5. Are there other factors that influence gut health more so than gluten intake for the average person?
“Gut health” is an incredibly complex topic that we do not yet fully understand. In general, too much of any one thing can be detrimental to gut health, and sensibly balancing what you put in your body helps maintain optimal health.
Most experts agree that a diet that is lower in processed foods, high in fresh vegetables, whole grains, fruits, and lean proteins, and lower in animal fats helps promote a healthy balance of gut bacteria that have beneficial health effects.
In addition, taking too many non-steroidal anti-inflammatory medications (like ibuprofen or aspirin) can injure the intestinal lining and cause illness or ulceration. Likewise, heavy drinking of alcohol damages the intestine and eventually can also damage the liver.
6. For individuals who do not have celiac disease or gluten sensitivity, are there any health benefits associated with a gluten-free diet? What about any benefits of consuming gluten?

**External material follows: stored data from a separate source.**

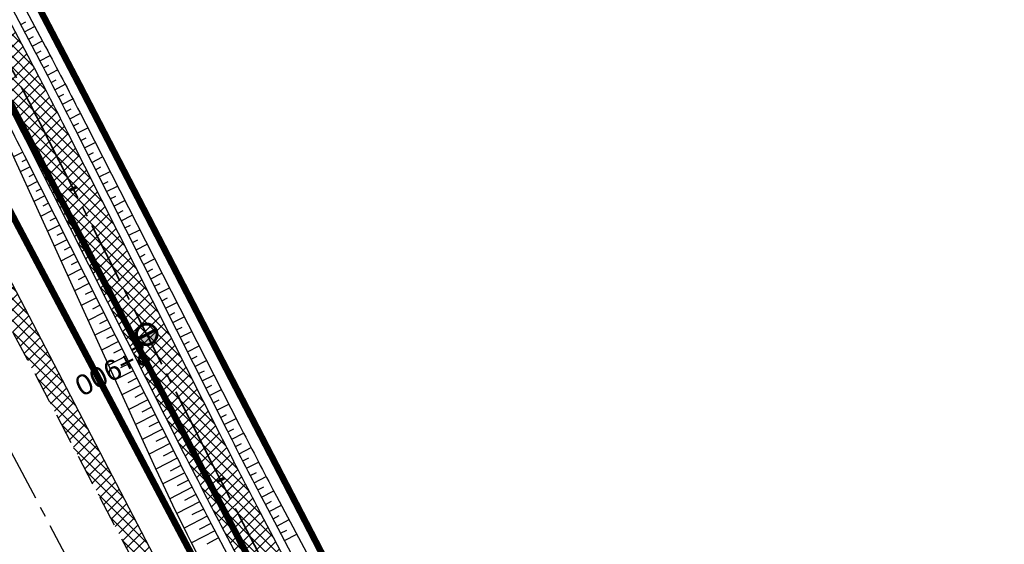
# Model space of a CAD drawing. Header units: metres. Extents: x 7529682 to 7533751, y 5721195 to 5727842.
# Tile 58 of 179: x 7531061 to 7531121, y 5725225 to 5725257. Entities that reach past the tile are written whole.
import ezdxf

# ---------------------------------------------------------------- set-up
doc = ezdxf.new("R2010")
doc.units = ezdxf.units.M
for name, pattern in [('817-dzialki-09-05-04$0$HIDDEN', [0.375, 0.25, -0.125]), ('ACAD_ISO05W100', [33, 24, -3, 0, -3, 0, -3]), ('CENTER', [50.8, 31.75, -6.35, 6.35, -6.35]), ('CENTER2', [28.575, 19.05, -3.175, 3.175, -3.175]), ('HIDDEN', [9.525, 6.35, -3.175])]:
    doc.linetypes.add(name, pattern=pattern)
for name, color, linetype in [('C-DROGI-SYTUACJA', 7, 'Continuous'), ('C-DROGI-SYTUACJA-ETYKIETY', 7, 'Continuous'), ('D-hatch-pobocza', 131, 'Continuous'), ('D-pobocza', 60, 'Continuous'), ('D-rowy', 160, 'Continuous'), ('D-skarpa', 2, 'Continuous'), ('D-skarpa-kreskowanie', 2, 'Continuous')]:
    doc.layers.add(name, color=color, linetype=linetype)
for name, color, linetype, lineweight, true_color in [('D-ewidencja-numery', 7, 'Continuous', 50, 0x40ff00), ('D-hatch-ciag-pieszo-rowerowy', 7, 'Continuous', 13, 0xff9f80), ('D-LR-etap-III', 7, '817-dzialki-09-05-04$0$HIDDEN', 50, 0x00008f)]:
    doc.layers.add(name, color=color, linetype=linetype, lineweight=lineweight, true_color=true_color)
for name, color, linetype, lineweight in [('D-krawędzie', 3, 'Continuous', 30), ('D-obrzeża', 2, 'Continuous', 30), ('D-oś', 10, 'CENTER', 30), ('D-pas-drogowy', 7, 'ACAD_ISO05W100', 50)]:
    doc.layers.add(name, color=color, linetype=linetype, lineweight=lineweight)
doc.layers.add('poprzeczki', color=7, linetype='Continuous', true_color=0x0000c7)
doc.styles.get("Standard").update_dxf_attribs({"font": 'arial.ttf'})
pattern_1 = [(45, (0, 0), (-0.33675960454, 0.33675960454), []), (135, (0, 0), (-0.33675960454, -0.33675960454), [])]

# ---------------------------------------------------------------- blocks, each defined once
blk = doc.blocks.new('kilometraz')
at = {"linetype": 'ByBlock', "lineweight": -2}
blk.add_hatch(color=0, dxfattribs=at).paths.add_polyline_path([(0, -0.28125, 0.41421356), (0.28125, 0, 0.41421356), (0, 0.28125)])
at = {"color": 0, "linetype": 'ByBlock', "lineweight": -2}
blk.add_line((0, 0.28125), (0, -0.28125), dxfattribs=at)
blk.add_circle((0, 0), 0.28125, dxfattribs=at)
blk = doc.blocks.new('AeccTickLine')
at = {"color": 0, "linetype": 'ByBlock', "lineweight": -2}
blk.add_line((0, 1), (0, -1), dxfattribs=at)

msp = doc.modelspace()

# ---------------------------------------------------------------- hatches: boundary and pattern name
at = {"layer": 'D-hatch-ciag-pieszo-rowerowy'}
h = msp.add_hatch(dxfattribs=at)
h.set_pattern_fill('ANSI37', color=256, scale=0.15, style=0)
h.set_pattern_definition(pattern_1)
h.paths.add_polyline_path([(7531044.822, 5725285.569), (7531043.691, 5725285.032), (7531059.944, 5725254.223, -0.004401), (7531062.366, 5725249.531), (7531071.709, 5725231.04, 0.004122), (7531073.975, 5725226.644), (7531080.59, 5725214.071), (7531081.737, 5725214.576), (7531075.086, 5725227.216, -0.004122), (7531072.82, 5725231.613), (7531063.477, 5725250.104, 0.004401), (7531061.055, 5725254.796)])
h.paths.add_polyline_path([(7531043.691, 5725285.032), (7531042.561, 5725284.496), (7531058.833, 5725253.649, -0.004401), (7531061.256, 5725248.957), (7531070.597, 5725230.467, 0.004122), (7531072.864, 5725226.071), (7531079.443, 5725213.566), (7531080.59, 5725214.071), (7531073.975, 5725226.644, -0.004122), (7531071.709, 5725231.04), (7531062.366, 5725249.531, 0.004401), (7531059.944, 5725254.223)])
at = {"layer": 'D-hatch-pobocza'}
h = msp.add_hatch(dxfattribs=at)
h.set_pattern_fill('ANSI37', color=256, scale=0.15, style=0)
h.set_pattern_definition(pattern_1)
h.paths.add_polyline_path([(7531057.01, 5725246.72), (7531044.19, 5725271.11), (7531030.97, 5725296.42), (7531019.37, 5725318.31), (7531007.54, 5725340.71), (7530994.47, 5725365.47), (7530982.58, 5725387.65), (7530971.81, 5725408.22), (7530959.96, 5725430.76), (7530944.54, 5725460.14), (7530935.92, 5725477.07), (7530923.1, 5725500.31), (7530908, 5725529.49), (7530889.658, 5725563.375), (7530889.586, 5725561.257), (7530918.172, 5725507.178), (7530950.163, 5725446.305), (7530993.419, 5725364.265), (7531022.766, 5725308.719), (7531053.81, 5725249.872), (7531081.166, 5725197.875), (7531103.902, 5725154.541), (7531128.123, 5725108.448), (7531149.321, 5725068.209), (7531151.44, 5725067.36), (7531152.004, 5725067.286), (7531141.2, 5725086.69), (7531129.87, 5725108.78), (7531118.46, 5725130.11), (7531107.39, 5725151.39), (7531095.36, 5725174.01), (7531083.61, 5725196.49), (7531071.56, 5725218.8)])

# ---------------------------------------------------------------- linework, layer by layer
at = {"layer": 'C-DROGI-SYTUACJA', "color": 10, "linetype": 'CENTER2', "lineweight": 35, "ltscale": 0.2}
msp.add_lwpolyline([(7531022.845, 5725323.708), (7531032.808, 5725305.571, -0.004228), (7531035.213, 5725301.104), (7531059.944, 5725254.223, -0.004401), (7531062.366, 5725249.531), (7531071.709, 5725231.04, 0.004122), (7531073.975, 5725226.644), (7531073.975, 5725226.644), (7531087.383, 5725201.158), (7531110.122, 5725157.821), (7531131.457, 5725118.234, -0.008978), (7531136.397, 5725108.66), (7531146.083, 5725089.033, 0.075252), (7531151.217, 5725081.666), (7531154.313, 5725078.4, -0.068936), (7531156.869, 5725074.83), (7531166.993, 5725055.55, -0.068732)], format="xyb", dxfattribs=at)
at = {"layer": 'D-ewidencja-numery', "color": 12, "ltscale": 15, "true_color": 0xc70000}
msp.add_lwpolyline([(7530900.952, 5725579.946), (7530904.81, 5725571.977), (7530903.682, 5725568.566), (7530908.901, 5725558.845), (7530910.252, 5725545.672), (7530912.873, 5725538.646), (7530945.278, 5725478.464), (7530959.692, 5725450.246), (7531002.827, 5725368.192), (7531044.704, 5725290.314), (7531064.099, 5725253.213), (7531083.01, 5725216.678), (7531113.013, 5725158.466), (7531137.364, 5725113.071), (7531150.831, 5725086.712), (7531159.746, 5725076.641), (7531166.31, 5725074.58), (7531172.29, 5725062.58)], dxfattribs=at)
at = {"layer": 'D-krawędzie', "linetype": 'HIDDEN', "ltscale": 0.3, "flags": 128}
msp.add_lwpolyline([(7530572.01, 5726166.06), (7530620.381, 5726072.761), (7530641.555, 5726032.008), (7530660.961, 5725995.07), (7530689.128, 5725941.54), (7530707.336, 5725907.032), (7530725.256, 5725873.093), (7530743.97, 5725837.654), (7530770.527, 5725787.119), (7530787.864, 5725754.267), (7530809.898, 5725712.542), (7530824.739, 5725684.389), (7530840.856, 5725653.693), (7530860.675, 5725616.154), (7530865.283, 5725607.394), (7530878.05, 5725583.08), (7530918.172, 5725507.178), (7530950.163, 5725446.305), (7530993.419, 5725364.265), (7531022.766, 5725308.719), (7531053.81, 5725249.872), (7531081.166, 5725197.875), (7531103.902, 5725154.541), (7531128.123, 5725108.448), (7531149.3, 5725068.25), (7531167.38, 5725033.767), (7531197.165, 5724976.988), (7531228.151, 5724918.034), (7531253.153, 5724870.491), (7531286.796, 5724806.654), (7531306.74, 5724768.665), (7531335.094, 5724714.652), (7531357.319, 5724672.439), (7531373.645, 5724641.454), (7531392.162, 5724605.999), (7531418.48, 5724555.853), (7531439.727, 5724515.582), (7531468.399, 5724461.077), (7531491.782, 5724416.528), (7531531.99, 5724339.833), (7531557.227, 5724291.659), (7531569.852, 5724267.577), (7531591.376, 5724226.548), (7531610.004, 5724191.103), (7531616.883, 5724177.999), (7531629.985, 5724153.025), (7531641.007, 5724132.022), (7531664.906, 5724087.617), (7531677.644, 5724064.786), (7531683.112, 5724054.988), (7531686.753, 5724048.18), (7531695.448, 5724031.697), (7531703.749, 5724015.917), (7531709.214, 5724005.514), (7531719.389, 5723986.147), (7531726.295, 5723973), (7531732.741, 5723960.736), (7531735.13, 5723956.19)], dxfattribs=at)
at = {"layer": 'D-LR-etap-III', "ltscale": 10, "flags": 128}
msp.add_lwpolyline([(7531750.474, 5723895.103, 0.4, 0.4, 0), (7531750.505, 5723895.13, 0.4, 0.4, 0), (7531682.71, 5724022.92, 0.4, 0.4, 0), (7531619.177, 5724147.204, 0.4, 0.4, 0), (7531592.309, 5724198.489, 0.4, 0.4, 0), (7531553.264, 5724272.919, 0.4, 0.4, 0), (7531504.02, 5724366.79, 0.4, 0.4, 0), (7531482.09, 5724407.62, 0.4, 0.4, 0), (7531412.35, 5724541.183, 0.4, 0.4, 0), (7531388.464, 5724586.93, 0.4, 0.4, 0), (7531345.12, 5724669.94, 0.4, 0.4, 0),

The simple answer is NO. However, there are a lot of people who have neither celiac disease or gluten sensitivity, yet feel better when they avoid gluten. These people certainly can remain healthy on a gluten-restricted diet, but they do not typically need to as strictly avoid all gluten as patients with celiac disease.
There are no health benefits to gluten. Patients with celiac disease who strictly avoid all gluten are healthy and live a normal life as long as they avoid all gluten in the diet.
7. What’s your take on the sharp rise of gluten-free products in the marketplace? Is gluten intolerance really that more common these days, or is it a trend?
The rise of gluten free-products on the market has been a great advance for patients with celiac disease, making living their lives that much easier. As society and culture change, so does our health in ways that we do not fully understand. Although the rise in gluten sensitivity may in part be due to an increased awareness of celiac disease and gluten sensitivity, it may, at least in some part, reflect a change in how our bodies deal with changes in food processing, food additives, chemicals, microparticles, etc. We just don’t know.
So if, after some careful attention, a person is convinced they feel worse when they eat gluten, I would trust their assessment. Because there is no health consequence of eating gluten-free food, it is fine for them to do so, and the availability of gluten-free products makes it that much easier (though a bit more expensive).